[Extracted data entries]
++++

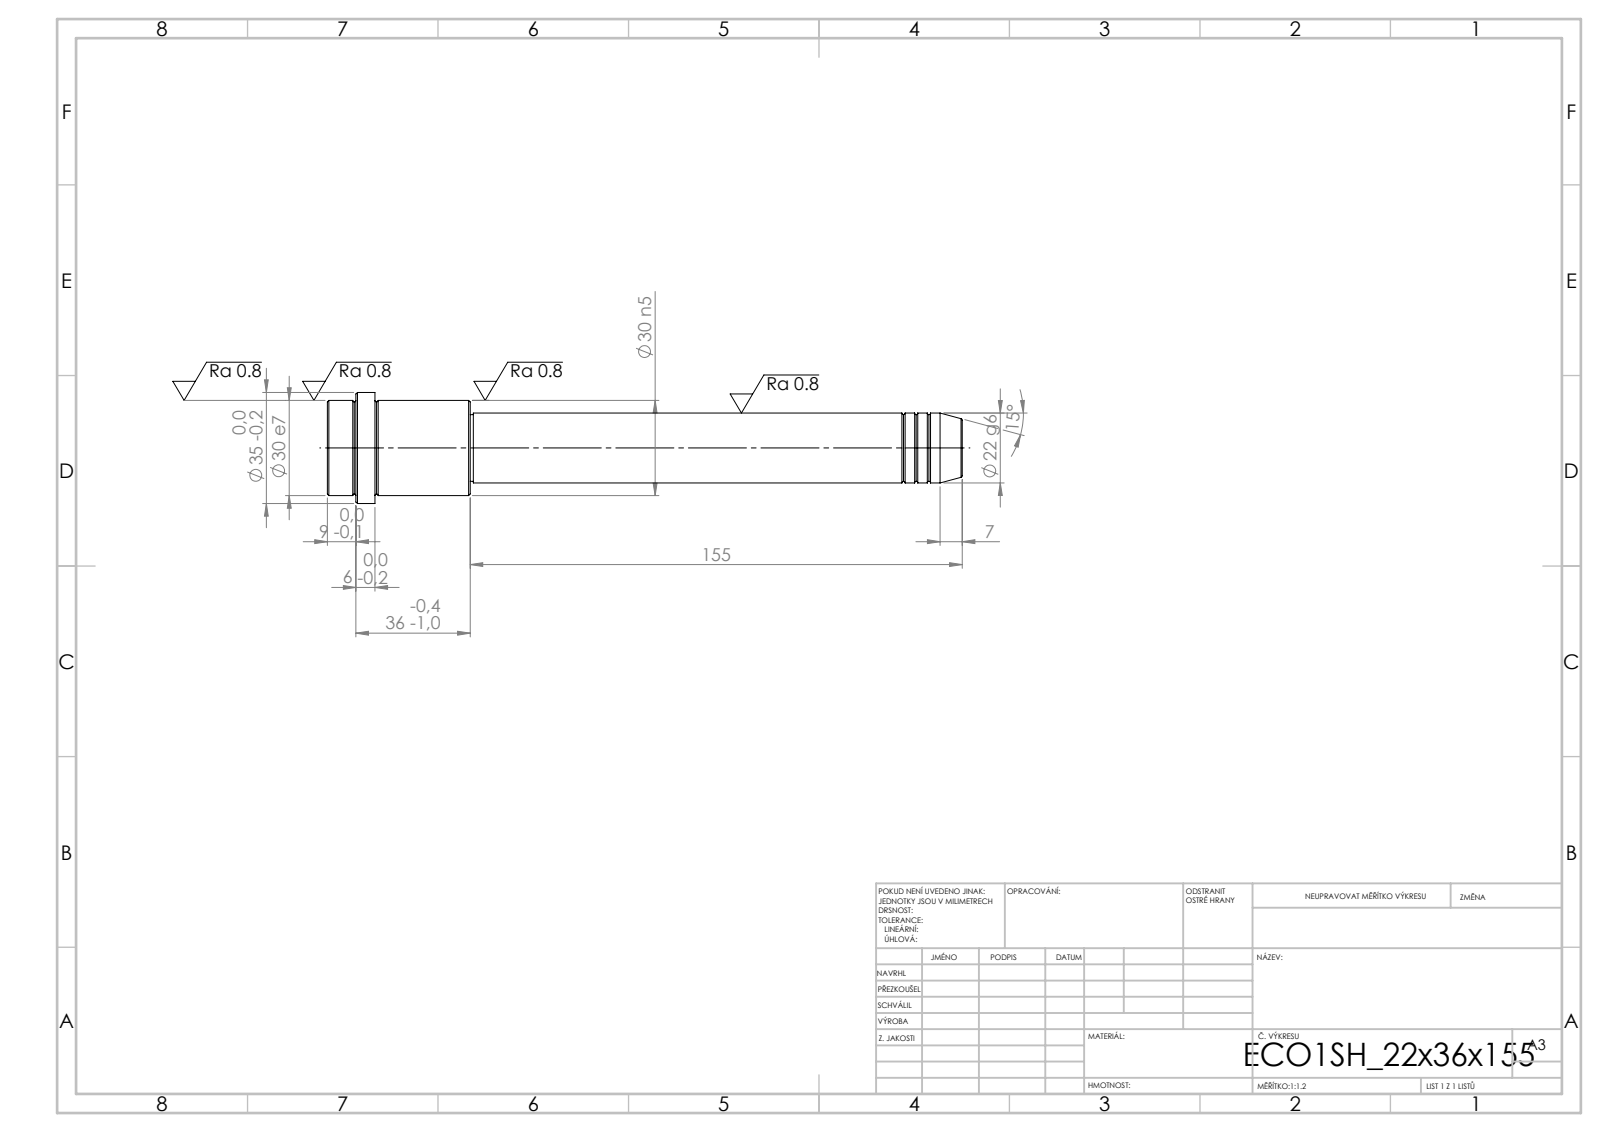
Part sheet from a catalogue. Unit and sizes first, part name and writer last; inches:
Units: inches
Overall size (bounding box): 7.874 × 1.378 × 1.378
Round bosses / shafts (diameter × count): ⌀1.378 ×1, ⌀1.181 ×1, ⌀0.866 ×1, ⌀0.827 ×1
Main face-to-face distances: 1.772, 1.181, 0.591, 6.102, 7.283, 7.874, 7.52, 1.417, 0.236, 0.354
Volume: 5.59 in³ · Surface area: 26.36 in²
Bodies: 1 solid, 52 faces (6 planar, 16 cylindrical, 30 other)
STEP written by: SolidWorks 2019 (CONFIG_CONTROL_DESIGN)
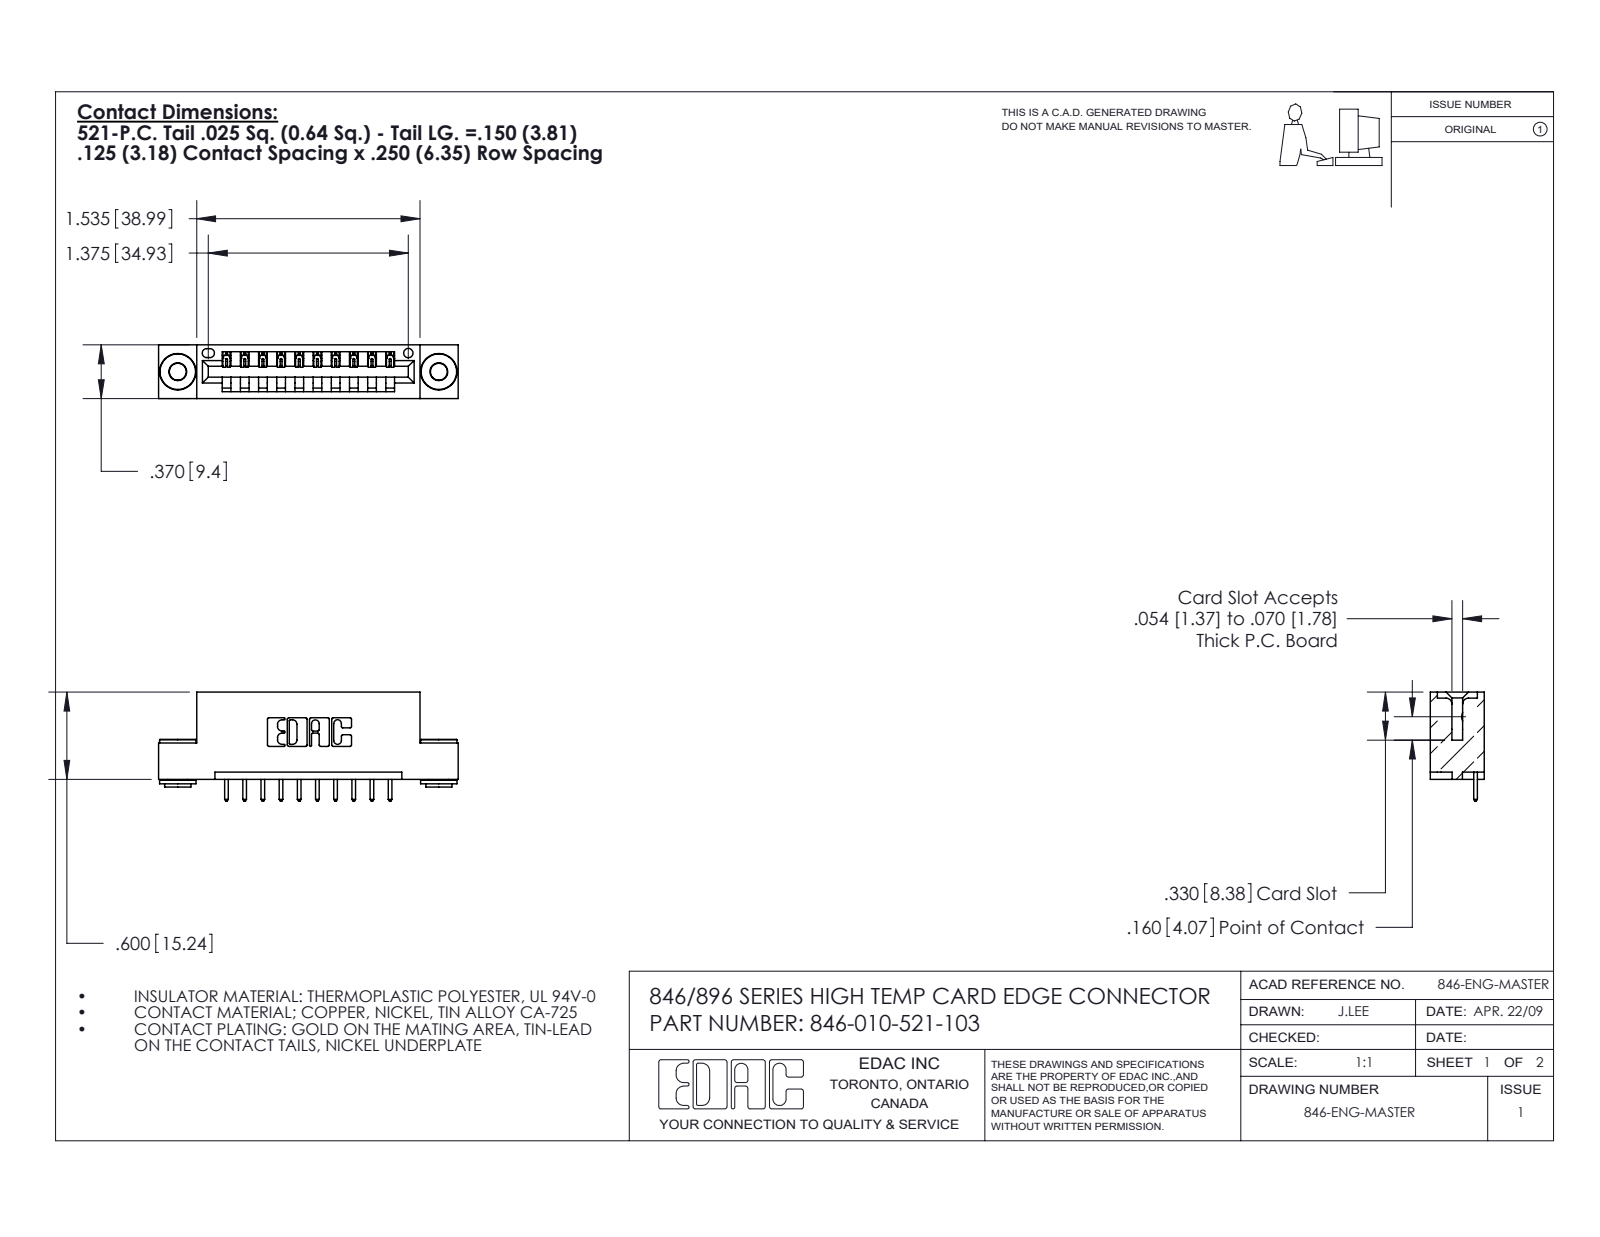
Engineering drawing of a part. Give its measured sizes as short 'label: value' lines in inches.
name: 346 Part_Flush Mounting Lugs - 0.156 Dia-TH; 346-010-521-103; 345-250-002_345-250-002-102; 345-292-001_345-293-121
written by: SolidWorks 2016 (CONFIG_CONTROL_DESIGN)
unit: in
bodies: 13 solids, 740 faces (486 planar, 246 cylindrical, 8 other)
size: 2.06 × 0.75 × 0.37
volume: 0.292 in³; area: 8.888 in²
holes: 2× ⌀0.116, 2× ⌀0.156, 1× ⌀0.064
bosses: 2× ⌀0.25, 2× ⌀0.18, 2× ⌀0.136
rounds: 22× R0.01, 20× R0.006, 20× R0.01, 6× R0.007, 6× R0.031, 3× R0.026, 2× R0.031, 2× R0.04
face distances: 0.25, 0.37, 0.048, 0.322, 0.025, 0.148, 0.222, 0.1, 0.174, 0.072
hole spacings: 0.246, 1.59, 1.795
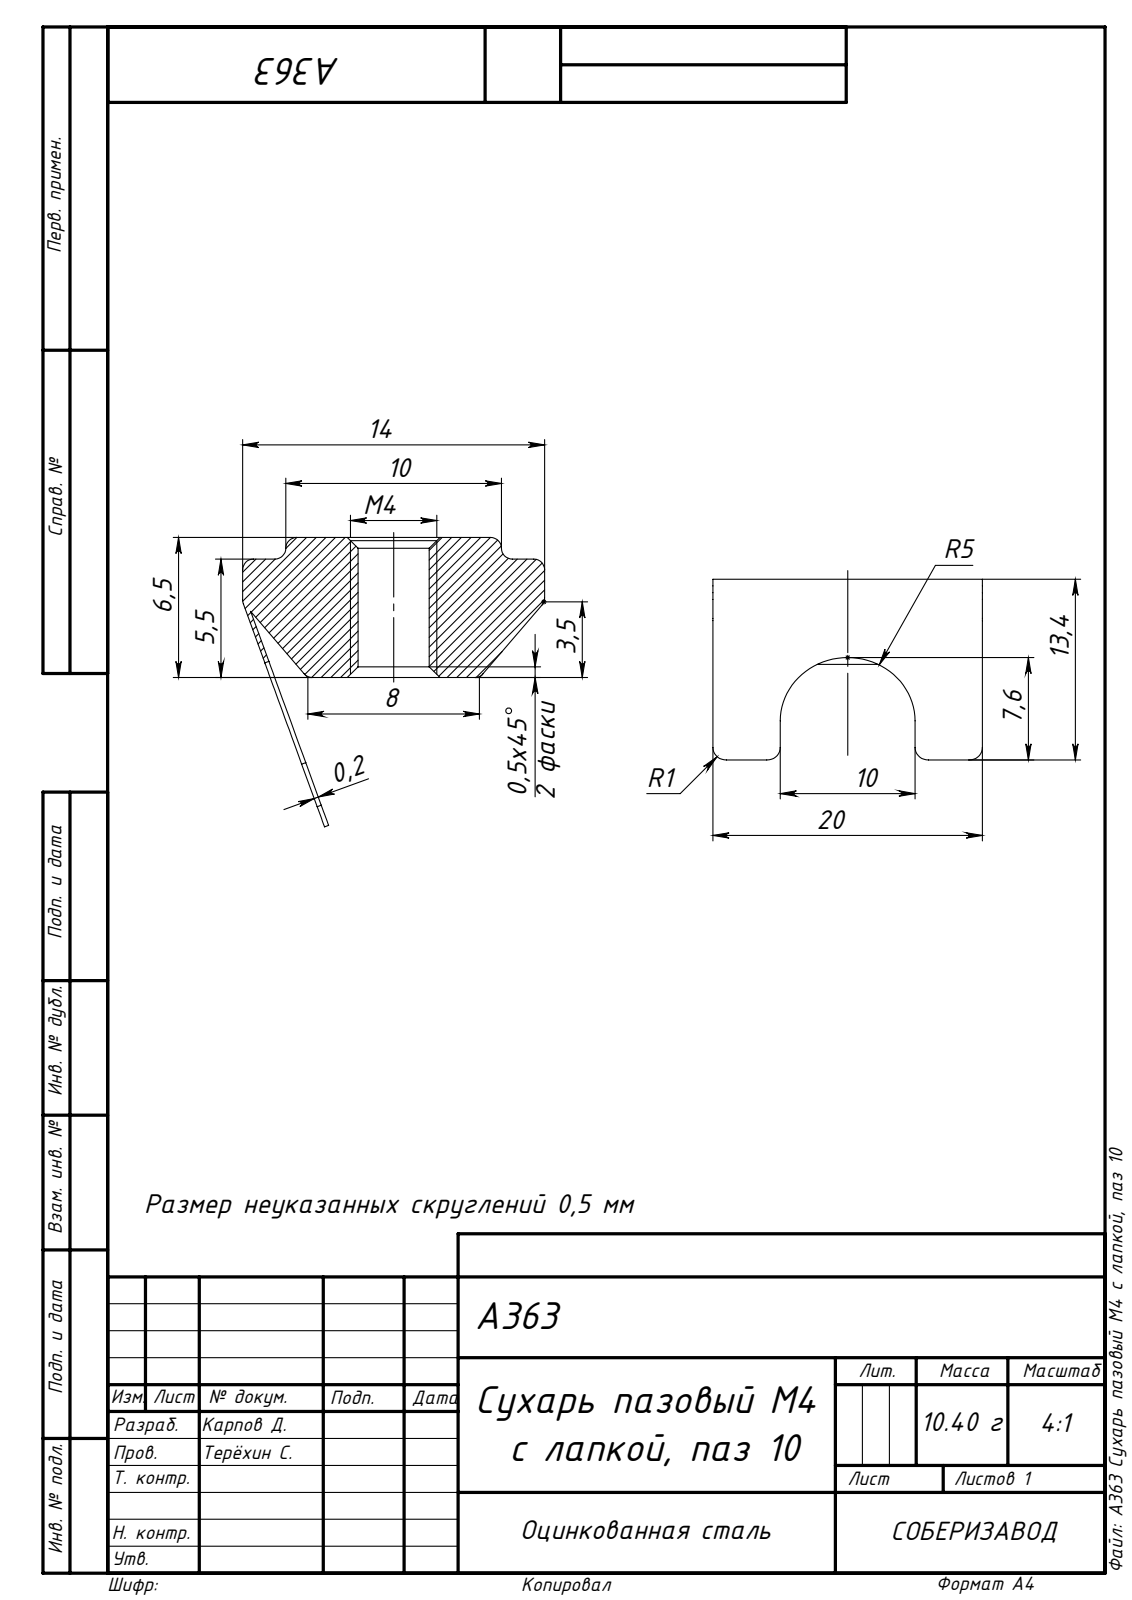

++++

PROBLEM TO SOLVE: An exact copy of every entry, without pictures, should be your output.

RESPONSE AREA:
Part sheet from a catalogue. Unit and sizes first, part name and writer last; inches:
Units: inches
Overall size (bounding box): 7.874 × 1.378 × 1.378
Round bosses / shafts (diameter × count): ⌀1.378 ×1, ⌀1.181 ×1, ⌀0.866 ×1, ⌀0.827 ×1
Main face-to-face distances: 1.772, 1.181, 0.591, 6.102, 7.283, 7.874, 7.52, 1.417, 0.236, 0.354
Volume: 5.59 in³ · Surface area: 26.36 in²
Bodies: 1 solid, 52 faces (6 planar, 16 cylindrical, 30 other)
STEP written by: SolidWorks 2019 (CONFIG_CONTROL_DESIGN)
Engineering drawing of a part. Give its measured sizes as short 'label: value' lines in inches.
name: 346 Part_Flush Mounting Lugs - 0.156 Dia-TH; 346-010-521-103; 345-250-002_345-250-002-102; 345-292-001_345-293-121
written by: SolidWorks 2016 (CONFIG_CONTROL_DESIGN)
unit: in
bodies: 13 solids, 740 faces (486 planar, 246 cylindrical, 8 other)
size: 2.06 × 0.75 × 0.37
volume: 0.292 in³; area: 8.888 in²
holes: 2× ⌀0.116, 2× ⌀0.156, 1× ⌀0.064
bosses: 2× ⌀0.25, 2× ⌀0.18, 2× ⌀0.136
rounds: 22× R0.01, 20× R0.006, 20× R0.01, 6× R0.007, 6× R0.031, 3× R0.026, 2× R0.031, 2× R0.04
face distances: 0.25, 0.37, 0.048, 0.322, 0.025, 0.148, 0.222, 0.1, 0.174, 0.072
hole spacings: 0.246, 1.59, 1.795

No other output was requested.